* **WORK TO BE COMPLETED**
The entries below contain a stretch that opens with the line containing "from ezdxf import colors" and closes with the line containing "color=253, linetype='Continuous', lineweight=9)"; set down that stretch exactly, both ends included, and nothing else.
[Opening DATA TO PROCESS section]
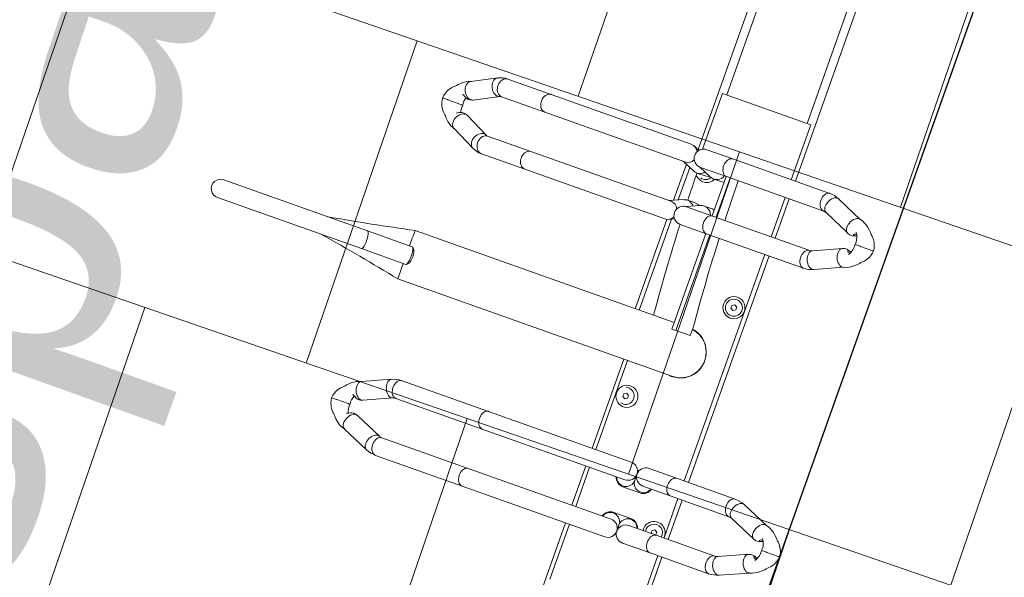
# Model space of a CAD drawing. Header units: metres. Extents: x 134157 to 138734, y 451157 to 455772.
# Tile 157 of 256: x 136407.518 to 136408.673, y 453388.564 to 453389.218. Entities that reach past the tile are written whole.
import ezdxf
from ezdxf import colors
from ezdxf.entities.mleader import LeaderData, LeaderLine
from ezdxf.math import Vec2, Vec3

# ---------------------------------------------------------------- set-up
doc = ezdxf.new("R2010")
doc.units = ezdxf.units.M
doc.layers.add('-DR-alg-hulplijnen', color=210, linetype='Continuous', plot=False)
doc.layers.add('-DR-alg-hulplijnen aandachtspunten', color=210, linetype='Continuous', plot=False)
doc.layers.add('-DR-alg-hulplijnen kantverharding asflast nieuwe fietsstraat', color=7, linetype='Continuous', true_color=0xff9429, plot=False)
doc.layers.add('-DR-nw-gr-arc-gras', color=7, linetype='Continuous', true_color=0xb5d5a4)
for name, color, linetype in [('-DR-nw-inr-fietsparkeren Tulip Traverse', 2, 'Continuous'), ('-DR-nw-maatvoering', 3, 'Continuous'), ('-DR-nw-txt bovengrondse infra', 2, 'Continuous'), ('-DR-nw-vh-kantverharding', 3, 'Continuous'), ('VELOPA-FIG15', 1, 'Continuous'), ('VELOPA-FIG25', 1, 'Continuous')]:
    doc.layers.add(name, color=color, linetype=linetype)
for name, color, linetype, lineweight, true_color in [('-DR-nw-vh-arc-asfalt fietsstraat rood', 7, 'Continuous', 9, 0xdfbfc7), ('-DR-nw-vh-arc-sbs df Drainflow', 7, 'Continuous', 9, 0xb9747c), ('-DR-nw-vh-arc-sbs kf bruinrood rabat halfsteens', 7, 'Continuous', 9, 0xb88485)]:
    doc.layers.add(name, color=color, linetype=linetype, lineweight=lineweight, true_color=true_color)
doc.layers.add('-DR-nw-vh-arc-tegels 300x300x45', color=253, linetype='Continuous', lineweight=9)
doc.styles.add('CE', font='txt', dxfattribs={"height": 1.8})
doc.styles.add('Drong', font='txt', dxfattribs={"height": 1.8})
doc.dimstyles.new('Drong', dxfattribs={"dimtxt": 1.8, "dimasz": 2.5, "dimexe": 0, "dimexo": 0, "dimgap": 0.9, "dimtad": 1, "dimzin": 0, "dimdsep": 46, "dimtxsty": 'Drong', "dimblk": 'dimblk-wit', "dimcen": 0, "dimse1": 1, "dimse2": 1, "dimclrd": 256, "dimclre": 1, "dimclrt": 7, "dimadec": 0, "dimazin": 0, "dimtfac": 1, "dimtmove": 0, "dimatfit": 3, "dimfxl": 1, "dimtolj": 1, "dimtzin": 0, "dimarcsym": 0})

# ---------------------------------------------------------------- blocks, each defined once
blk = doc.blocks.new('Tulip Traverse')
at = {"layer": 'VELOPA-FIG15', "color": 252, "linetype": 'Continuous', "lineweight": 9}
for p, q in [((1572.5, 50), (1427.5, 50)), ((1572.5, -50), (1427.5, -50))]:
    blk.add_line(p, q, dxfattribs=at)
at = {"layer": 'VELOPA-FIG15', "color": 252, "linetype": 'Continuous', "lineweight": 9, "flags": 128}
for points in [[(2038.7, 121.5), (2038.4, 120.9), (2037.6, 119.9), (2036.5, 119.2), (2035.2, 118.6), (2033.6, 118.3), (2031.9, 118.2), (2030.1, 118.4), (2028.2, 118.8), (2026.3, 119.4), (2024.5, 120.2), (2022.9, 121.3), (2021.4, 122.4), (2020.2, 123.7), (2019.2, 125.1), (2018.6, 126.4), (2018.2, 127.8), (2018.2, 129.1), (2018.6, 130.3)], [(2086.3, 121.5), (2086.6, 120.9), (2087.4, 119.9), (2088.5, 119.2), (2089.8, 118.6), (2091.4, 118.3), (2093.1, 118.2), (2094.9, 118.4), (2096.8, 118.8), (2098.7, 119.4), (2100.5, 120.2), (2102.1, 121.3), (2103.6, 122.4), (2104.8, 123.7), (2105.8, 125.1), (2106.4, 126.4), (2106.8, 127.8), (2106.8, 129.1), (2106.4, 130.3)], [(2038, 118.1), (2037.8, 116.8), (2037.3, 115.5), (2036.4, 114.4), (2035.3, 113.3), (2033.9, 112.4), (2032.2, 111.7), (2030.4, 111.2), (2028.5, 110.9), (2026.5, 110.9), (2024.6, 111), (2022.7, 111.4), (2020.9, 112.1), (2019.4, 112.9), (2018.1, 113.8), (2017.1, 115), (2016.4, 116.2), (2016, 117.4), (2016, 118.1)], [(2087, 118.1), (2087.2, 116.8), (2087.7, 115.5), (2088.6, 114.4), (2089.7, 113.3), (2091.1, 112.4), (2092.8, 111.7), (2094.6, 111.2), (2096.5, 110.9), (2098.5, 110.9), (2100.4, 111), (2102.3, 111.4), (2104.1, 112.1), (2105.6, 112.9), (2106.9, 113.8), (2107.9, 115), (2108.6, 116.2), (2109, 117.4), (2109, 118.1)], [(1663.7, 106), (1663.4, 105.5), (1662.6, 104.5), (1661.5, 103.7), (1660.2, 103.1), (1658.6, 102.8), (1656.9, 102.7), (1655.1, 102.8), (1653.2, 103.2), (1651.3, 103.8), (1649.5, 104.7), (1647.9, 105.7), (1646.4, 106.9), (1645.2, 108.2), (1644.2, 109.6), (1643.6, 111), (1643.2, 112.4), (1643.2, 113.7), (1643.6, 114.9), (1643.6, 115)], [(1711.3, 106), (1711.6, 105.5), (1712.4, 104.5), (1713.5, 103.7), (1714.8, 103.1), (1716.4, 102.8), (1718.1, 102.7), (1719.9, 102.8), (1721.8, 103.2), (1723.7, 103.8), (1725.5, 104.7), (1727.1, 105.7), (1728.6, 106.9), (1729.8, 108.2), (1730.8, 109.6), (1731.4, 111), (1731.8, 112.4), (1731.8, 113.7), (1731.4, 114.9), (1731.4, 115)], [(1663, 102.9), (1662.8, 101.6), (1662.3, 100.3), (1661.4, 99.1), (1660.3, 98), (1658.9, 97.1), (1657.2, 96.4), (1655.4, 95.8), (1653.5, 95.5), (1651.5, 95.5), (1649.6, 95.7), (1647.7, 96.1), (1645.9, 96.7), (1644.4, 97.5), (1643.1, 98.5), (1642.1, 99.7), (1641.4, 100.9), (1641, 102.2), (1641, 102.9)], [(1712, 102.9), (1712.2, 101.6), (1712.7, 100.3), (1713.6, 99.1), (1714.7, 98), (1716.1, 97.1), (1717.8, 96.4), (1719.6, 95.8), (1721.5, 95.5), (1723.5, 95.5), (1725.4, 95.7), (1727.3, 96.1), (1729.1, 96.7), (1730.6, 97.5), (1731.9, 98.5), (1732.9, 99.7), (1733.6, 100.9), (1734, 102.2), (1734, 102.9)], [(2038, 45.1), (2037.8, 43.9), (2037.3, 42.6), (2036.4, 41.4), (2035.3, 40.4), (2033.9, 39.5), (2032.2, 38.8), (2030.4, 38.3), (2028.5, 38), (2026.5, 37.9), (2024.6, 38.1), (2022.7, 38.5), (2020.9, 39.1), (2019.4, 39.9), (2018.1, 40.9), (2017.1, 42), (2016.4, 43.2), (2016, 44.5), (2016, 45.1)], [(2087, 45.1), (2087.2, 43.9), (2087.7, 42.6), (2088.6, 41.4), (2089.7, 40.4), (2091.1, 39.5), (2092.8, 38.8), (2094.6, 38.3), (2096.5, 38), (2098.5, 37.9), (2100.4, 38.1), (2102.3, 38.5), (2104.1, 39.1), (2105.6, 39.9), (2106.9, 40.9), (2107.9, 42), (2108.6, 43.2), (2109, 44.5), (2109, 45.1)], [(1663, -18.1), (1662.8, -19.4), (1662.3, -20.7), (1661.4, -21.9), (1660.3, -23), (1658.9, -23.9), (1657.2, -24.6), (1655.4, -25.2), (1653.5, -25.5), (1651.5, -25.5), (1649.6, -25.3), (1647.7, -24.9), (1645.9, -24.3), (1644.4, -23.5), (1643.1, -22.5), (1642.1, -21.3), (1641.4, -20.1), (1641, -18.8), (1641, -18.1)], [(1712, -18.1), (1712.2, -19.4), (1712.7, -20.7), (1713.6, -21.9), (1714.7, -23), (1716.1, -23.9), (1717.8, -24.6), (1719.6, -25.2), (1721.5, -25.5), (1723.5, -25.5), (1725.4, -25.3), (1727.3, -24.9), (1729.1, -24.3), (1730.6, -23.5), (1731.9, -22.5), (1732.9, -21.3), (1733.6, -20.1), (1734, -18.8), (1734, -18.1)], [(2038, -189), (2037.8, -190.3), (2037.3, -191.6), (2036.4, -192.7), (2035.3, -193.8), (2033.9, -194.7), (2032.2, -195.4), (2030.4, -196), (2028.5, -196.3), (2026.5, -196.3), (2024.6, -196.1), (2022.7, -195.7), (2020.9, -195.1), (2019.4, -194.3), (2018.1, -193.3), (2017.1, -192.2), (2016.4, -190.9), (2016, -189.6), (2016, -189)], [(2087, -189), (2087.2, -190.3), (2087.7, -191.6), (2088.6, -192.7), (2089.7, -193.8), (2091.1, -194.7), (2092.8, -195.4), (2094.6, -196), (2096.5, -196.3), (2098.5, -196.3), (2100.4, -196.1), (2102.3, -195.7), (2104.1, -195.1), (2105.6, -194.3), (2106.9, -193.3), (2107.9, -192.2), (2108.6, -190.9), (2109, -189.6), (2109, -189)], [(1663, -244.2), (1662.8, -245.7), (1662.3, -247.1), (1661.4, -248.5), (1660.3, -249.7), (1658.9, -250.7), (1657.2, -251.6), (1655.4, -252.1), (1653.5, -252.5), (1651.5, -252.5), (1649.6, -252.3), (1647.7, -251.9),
[Closing DATA TO PROCESS section]
* **ANSWER SECTION**
from ezdxf import colors
from ezdxf.entities.mleader import LeaderData, LeaderLine
from ezdxf.math import Vec2, Vec3

# ---------------------------------------------------------------- set-up
doc = ezdxf.new("R2010")
doc.units = ezdxf.units.M
doc.layers.add('-DR-alg-hulplijnen', color=210, linetype='Continuous', plot=False)
doc.layers.add('-DR-alg-hulplijnen aandachtspunten', color=210, linetype='Continuous', plot=False)
doc.layers.add('-DR-alg-hulplijnen kantverharding asflast nieuwe fietsstraat', color=7, linetype='Continuous', true_color=0xff9429, plot=False)
doc.layers.add('-DR-nw-gr-arc-gras', color=7, linetype='Continuous', true_color=0xb5d5a4)
for name, color, linetype in [('-DR-nw-inr-fietsparkeren Tulip Traverse', 2, 'Continuous'), ('-DR-nw-maatvoering', 3, 'Continuous'), ('-DR-nw-txt bovengrondse infra', 2, 'Continuous'), ('-DR-nw-vh-kantverharding', 3, 'Continuous'), ('VELOPA-FIG15', 1, 'Continuous'), ('VELOPA-FIG25', 1, 'Continuous')]:
    doc.layers.add(name, color=color, linetype=linetype)
for name, color, linetype, lineweight, true_color in [('-DR-nw-vh-arc-asfalt fietsstraat rood', 7, 'Continuous', 9, 0xdfbfc7), ('-DR-nw-vh-arc-sbs df Drainflow', 7, 'Continuous', 9, 0xb9747c), ('-DR-nw-vh-arc-sbs kf bruinrood rabat halfsteens', 7, 'Continuous', 9, 0xb88485)]:
    doc.layers.add(name, color=color, linetype=linetype, lineweight=lineweight, true_color=true_color)
doc.layers.add('-DR-nw-vh-arc-tegels 300x300x45', color=253, linetype='Continuous', lineweight=9)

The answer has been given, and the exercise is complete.